Question

A footpath of uniform width runs all around the inside of a rectangular field 50m long and 38m wide. If the area of the path is $492{m^2}$, Find the width?

Answer 1

Hint: In this question we are going to find the width of the footpath with the concept of the rectangle for that we will consider a variable for the width and then according to the question the area of the path will be the area of the rectangle inside the footpath subtracted from the total area of the rectangular field. We will relate the given area to the foundation area. Which will lead us to a quadratic equation, thereby solving the equation we get the required width.

Formula used:
Area of rectangle = \[length \times breadth\]
 Let the quadratic equation be
\[a{x^2} + bx + c = 0\] Then value of x will be given by,
\[x = \dfrac{{ - b \pm \sqrt {{b^2} - 4ac} }}{{2a}}\]

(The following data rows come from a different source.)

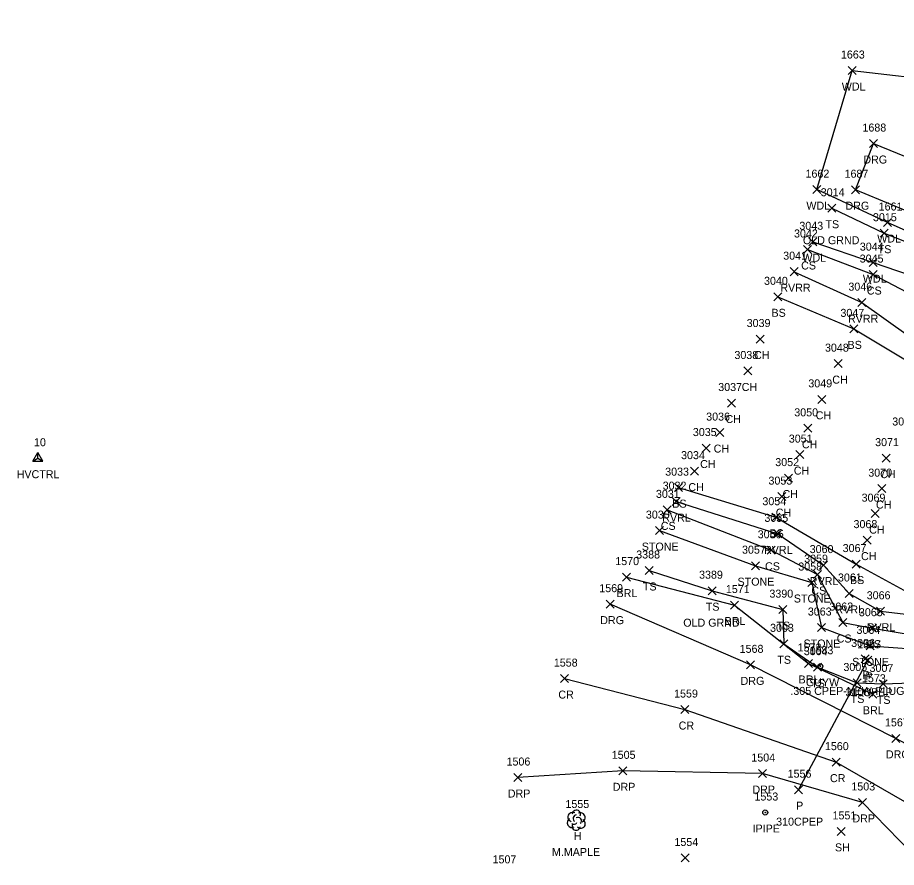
# Model space of a CAD drawing. Extents: x 462930 to 463548, y 29607 to 30453.
# Drawn here: x 463253.6 to 463320.6, y 30111.1 to 30175.8 of the extents above; entities that cross this region are included whole.
import ezdxf

# ---------------------------------------------------------------- set-up
doc = ezdxf.new("R2010")
doc.units = 0
for name, color, linetype in [('C_A', 7, 'Continuous'), ('C_I', 7, 'Continuous'), ('CPSM', 7, 'Continuous'), ('D_A', 7, 'Continuous'), ('D_C', 7, 'Continuous'), ('D_I', 7, 'Continuous'), ('D_TIC', 7, 'Continuous'), ('DCP', 7, 'Continuous'), ('L_A', 7, 'Continuous'), ('L_C', 7, 'Continuous'), ('L_I', 7, 'Continuous'), ('L_TIC', 7, 'Continuous'), ('LABL', 7, 'Continuous'), ('LASF', 7, 'Continuous'), ('LAWA', 7, 'Continuous'), ('LAWE', 7, 'Continuous'), ('LELB', 7, 'Continuous'), ('LTD', 7, 'Continuous'), ('M_A', 7, 'Continuous'), ('M_I', 7, 'Continuous'), ('MPIP', 7, 'Continuous'), ('P_A', 7, 'Continuous'), ('P_I', 7, 'Continuous'), ('P_TIC', 7, 'Continuous'), ('PRC', 7, 'Continuous'), ('R_A', 7, 'Continuous'), ('R_I', 7, 'Continuous'), ('R_TIC', 7, 'Continuous'), ('RDG', 7, 'Continuous'), ('RDP', 7, 'Continuous'), ('U_A', 7, 'Continuous'), ('U_I', 7, 'Continuous'), ('UPGW', 7, 'Continuous')]:
    doc.layers.add(name, color=color, linetype=linetype)

msp = doc.modelspace()

# ---------------------------------------------------------------- linework, layer by layer
at = {"layer": 'CPSM'}
for p, q in [((463254.76, 30142.04), (463255.141, 30142.7)), ((463255.522, 30142.04), (463255.141, 30142.7)), ((463255.141, 30142.26), (463255.141, 30142.7)), ((463254.76, 30142.04), (463255.141, 30142.26)), ((463254.76, 30142.04), (463255.522, 30142.04)), ((463255.141, 30142.26), (463255.141, 30142.26)), ((463255.141, 30142.26), (463255.522, 30142.04))]:
    msp.add_line(p, q, dxfattribs=at)
at = {"layer": 'D_TIC'}
for points in [[(463317.855, 30126.658), (463318.465, 30127.268)], [(463318.465, 30126.658), (463317.855, 30127.268)], [(463318.079, 30126.555), (463318.689, 30127.165)], [(463318.689, 30126.555), (463318.079, 30127.165)], [(463312.796, 30116.692), (463313.406, 30117.302)], [(463313.406, 30116.692), (463312.796, 30117.302)]]:
    msp.add_lwpolyline(points, dxfattribs=at)
at = {"layer": 'DCP'}
msp.add_lwpolyline([(463313.101, 30116.997), (463318.384, 30126.86)], dxfattribs=at)
at = {"layer": 'L_TIC'}
for points in [[(463316.87, 30171.507), (463317.48, 30172.117)], [(463317.48, 30171.507), (463316.87, 30172.117)], [(463314.173, 30162.427), (463314.783, 30163.037)], [(463314.783, 30162.427), (463314.173, 30163.037)], [(463315.327, 30161.009), (463315.937, 30161.619)], [(463315.937, 30161.009), (463315.327, 30161.619)], [(463319.572, 30159.922), (463320.182, 30160.532)], [(463320.182, 30159.922), (463319.572, 30160.532)], [(463319.306, 30159.106), (463319.916, 30159.716)], [(463319.916, 30159.106), (463319.306, 30159.716)], [(463313.464, 30157.866), (463314.074, 30158.475)], [(463314.074, 30157.866), (463313.464, 30158.475)], [(463313.869, 30158.454), (463314.479, 30159.064)], [(463314.479, 30158.454), (463313.869, 30159.064)], [(463318.478, 30156.866), (463319.087, 30157.476)], [(463319.087, 30156.866), (463318.478, 30157.476)], [(463312.466, 30156.175), (463313.076, 30156.785)], [(463313.076, 30156.175), (463312.466, 30156.785)], [(463318.469, 30155.955), (463319.079, 30156.564)], [(463319.079, 30155.955), (463318.469, 30156.564)], [(463311.205, 30154.259), (463311.815, 30154.869)], [(463311.815, 30154.259), (463311.205, 30154.869)], [(463317.623, 30153.814), (463318.232, 30154.424)], [(463318.232, 30153.814), (463317.623, 30154.424)], [(463317, 30151.816), (463317.61, 30152.425)], [(463317.61, 30151.816), (463317, 30152.425)], [(463309.859, 30151.04), (463310.469, 30151.65)], [(463310.469, 30151.04), (463309.859, 30151.65)], [(463315.822, 30149.165), (463316.432, 30149.775)], [(463316.432, 30149.165), (463315.822, 30149.775)], [(463308.921, 30148.605), (463309.531, 30149.215)], [(463309.531, 30148.605), (463308.921, 30149.215)], [(463314.557, 30146.443), (463315.167, 30147.053)], [(463315.167, 30146.443), (463314.557, 30147.053)], [(463307.69, 30146.162), (463308.3, 30146.772)], [(463308.3, 30146.162), (463307.69, 30146.772)], [(463306.788, 30143.909), (463307.397, 30144.519)], [(463307.397, 30143.909), (463306.788, 30144.519)], [(463313.509, 30144.235), (463314.118, 30144.844)], [(463314.118, 30144.235), (463313.509, 30144.844)], [(463305.755, 30142.731), (463306.365, 30143.341)], [(463306.365, 30142.731), (463305.755, 30143.341)], [(463312.894, 30142.232), (463313.504, 30142.842)], [(463313.504, 30142.232), (463312.894, 30142.842)], [(463319.471, 30141.962), (463320.081, 30142.571)], [(463320.081, 30141.962), (463319.471, 30142.571)], [(463304.857, 30140.972), (463305.467, 30141.582)], [(463305.467, 30140.972), (463304.857, 30141.582)], [(463312.033, 30140.44), (463312.643, 30141.049)], [(463312.643, 30140.44), (463312.033, 30141.049)], [(463303.646, 30139.713), (463304.256, 30140.323)], [(463304.256, 30139.713), (463303.646, 30140.323)], [(463319.15, 30139.637), (463319.759, 30140.247)], [(463319.759, 30139.637), (463319.15, 30140.247)], [(463303.456, 30138.646), (463304.065, 30139.256)], [(463304.065, 30138.646), (463303.456, 30139.256)], [(463311.517, 30139.031), (463312.127, 30139.64)], [(463312.127, 30139.031), (463311.517, 30139.64)], [(463302.771, 30138.018), (463303.381, 30138.628)], [(463303.381, 30138.018), (463302.771, 30138.628)], [(463311.053, 30137.459), (463311.663, 30138.068)], [(463311.663, 30137.459), (463311.053, 30138.068)], [(463318.631, 30137.732), (463319.24, 30138.342)], [(463319.24, 30137.732), (463318.631, 30138.342)], [(463302.203, 30136.439), (463302.813, 30137.049)], [(463302.813, 30136.439), (463302.203, 30137.049)], [(463311.208, 30136.192), (463311.818, 30136.802)], [(463311.818, 30136.192), (463311.208, 30136.802)], [(463318.013, 30135.714), (463318.623, 30136.324)], [(463318.623, 30135.714), (463318.013, 30136.324)], [(463310.713, 30134.94), (463311.323, 30135.55)], [(463311.323, 30134.94), (463310.713, 30135.55)], [(463309.502, 30133.766), (463310.111, 30134.375)], [(463310.111, 30133.766), (463309.502, 30134.375)], [(463314.699, 30133.811), (463315.309, 30134.42)], [(463315.309, 30133.811), (463314.699, 30134.42)], [(463317.185, 30133.888), (463317.795, 30134.497)], [(463317.795, 30133.888), (463317.185, 30134.497)], [(463301.416, 30133.399), (463302.026, 30134.009)], [(463302.026, 30133.399), (463301.416, 30134.009)], [(463314.238, 30133.085), (463314.848, 30133.695)], [(463314.848, 30133.085), (463314.238, 30133.695)], [(463299.672, 30132.894), (463300.282, 30133.504)], [(463300.282, 30132.894), (463299.672, 30133.504)], [(463313.792, 30132.482), (463314.402, 30133.091)], [(463314.402, 30132.482), (463313.792, 30133.091)], [(463306.208, 30131.859), (463306.817, 30132.468)], [(463306.817, 30131.859), (463306.208, 30132.468)], [(463316.653, 30131.646), (463317.263, 30132.256)], [(463317.263, 30131.646), (463316.653, 30132.256)], [(463307.901, 30130.765), (463308.511, 30131.375)], [(463308.511, 30130.765), (463307.901, 30131.375)], [(463311.591, 30130.416), (463312.201, 30131.025)], [(463312.201, 30130.416), (463311.591, 30131.025)], [(463319.034, 30130.291), (463319.644, 30130.901)], [(463319.644, 30130.291), (463319.034, 30130.901)], [(463314.53, 30129.051), (463315.14, 30129.66)], [(463315.14, 30129.051), (463314.53, 30129.66)], [(463316.172, 30129.432), (463316.781, 30130.041)], [(463316.781, 30129.432), (463316.172, 30130.041)], [(463318.42, 30129), (463319.03, 30129.61)], [(463319.03, 30129), (463318.42, 30129.61)], [(463311.662, 30127.811), (463312.271, 30128.42)], [(463312.271, 30127.811), (463311.662, 30128.42)], [(463318.238, 30127.653), (463318.848, 30128.263)], [(463318.848, 30127.653), (463318.238, 30128.263)], [(463313.54, 30126.312), (463314.15, 30126.922)], [(463314.15, 30126.312), (463313.54, 30126.922)], [(463314.234, 30126.029), (463314.844, 30126.639)], [(463314.844, 30126.029), (463314.234, 30126.639)], [(463317.252, 30124.825), (463317.861, 30125.434)], [(463317.861, 30124.825), (463317.252, 30125.434)], [(463319.24, 30124.753), (463319.849, 30125.363)], [(463319.849, 30124.753), (463319.24, 30125.363)], [(463318.443, 30123.965), (463319.053, 30124.575)], [(463319.053, 30123.965), (463318.443, 30124.575)], [(463316.028, 30113.512), (463316.638, 30114.122)], [(463316.638, 30113.512), (463316.028, 30114.122)], [(463304.155, 30111.486), (463304.765, 30112.096)], [(463304.765, 30111.486), (463304.155, 30112.096)]]:
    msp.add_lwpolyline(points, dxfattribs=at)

Complete step by step solution:

First, we will make the diagram of the rectangular field and footpath for better understanding,
Let the rectangle by ABCD where AB is the breadth of the rectangle and
And AD will be the length of the rectangle,
Let the width of the footpath be x m
Now we have to find the length and breadth of footpathinside rectangle.
Length of smaller rectangle will be= length of rectangle ABCD -2 times the
Width of the footpath (as footpath surrounds the smaller rectangle)
As length of rectangle ABCD = 50 m
And width of footpath is assume as x m
So, length of smaller rectangle will be = \[(50 - 2x)\]m
Similarly,
Breadth of smaller rectangle will be= Breadth of rectangle ABCD -2 times the
Width of the footpath (as footpath surrounds the smaller rectangle)
As Breadth of rectangle ABCD = 38 m
And width of footpath is assume as x m
So, Breadth of smaller rectangle will be = \[(38 - 2x)\]m
Now according to question,
Area of footpath = Area of rectangle ABCD – area of smaller rectangle ---------------- [1]
Area of rectangle = \[{\rm{length \times breadth}}\]
Putting the values of length and breadth in above equation that is 50m and 38 m we get,
Area of Rectangle ABCD = \[(50 \times 38){m^2}\]--------------- [2]
Area of smaller rectangle = \[(50 - 2x)(38 - 2x){m^2}\]------------------- [3]
Putting the values of [2] and [3] equation in [1] equation we get,
And the area of footpath is \[492{m^2}\]
We get,
\[492 = (50 \times 38) - (50 - 2x)(38 - 2x)\]
Solving above equation we get opening the brackets by multiplying we get,
\[492 = (50 \times 38 - (50 \times 38 - 100x - 76x + 4{x^2}))\]
Opening the bracket will make sign changes we get,
\[492 = (50 \times 38 - 50 \times 38 + 100x + 76x - 4{x^2})\]
Now subtracting similar terms and writing likes terms together we get,
\[4{x^2} - 100x - 76x + 492 = 0\]
Now, adding like terms we get,
\[4{x^2} - 176x + 492 = 0\]
Divide the above term by 4 we get,
\[{x^2} - 44x + 123 = 0\]
Now using the formula for solving quadratic equation, stated above
Here, a=1 and b=-44 and c =123
Putting the above values in formula,
\[x = \dfrac{{ - b \pm \sqrt {{b^2} - 4ac} }}{{2a}}\]
\[x = \dfrac{{44 \pm \sqrt {{{44}^2} - 4(1)(123)} }}{{2(1)}}\]
Now squaring 44 and subtracting the other term from it,
\[x = \dfrac{{44 \pm \sqrt {1936 - 492} }}{{2(1)}}\]
Subtracting 492 from 1936 we get,
\[x = \dfrac{{44 \pm \sqrt {1444} }}{{2(1)}}\]
Calculating the square root of 1444 we get,
\[x = \dfrac{{44 \pm 38}}{{2(1)}}\]
So there are two values one is \[x = 3\] \[x = \dfrac{{44 + 38}}{{2(1)}}\] and other is \[x = \dfrac{{44 - 38}}{{2(1)}}\]
Calculating both we get \[x = \dfrac{{82}}{2}\]or \[x = \dfrac{6}{2}\]
Dividing both by 2 we get,
\[x = 41\]m and \[x = 3\]m
Since, the first value is 41 which is not possible so the value of the width of footpath is 3m

$\therefore$ The value of the width of footpath is 3m.

Note:
Here while finding the length and breadth of the inner triangle we subtract the length and breadth of the outer triangle with 2 times the width of the footpath because the footpath is found in all sides of the rectangular field. That is the foot path is present in two sides of length and two sides of breadth hence the subtraction of width is done twice from the length and breadth.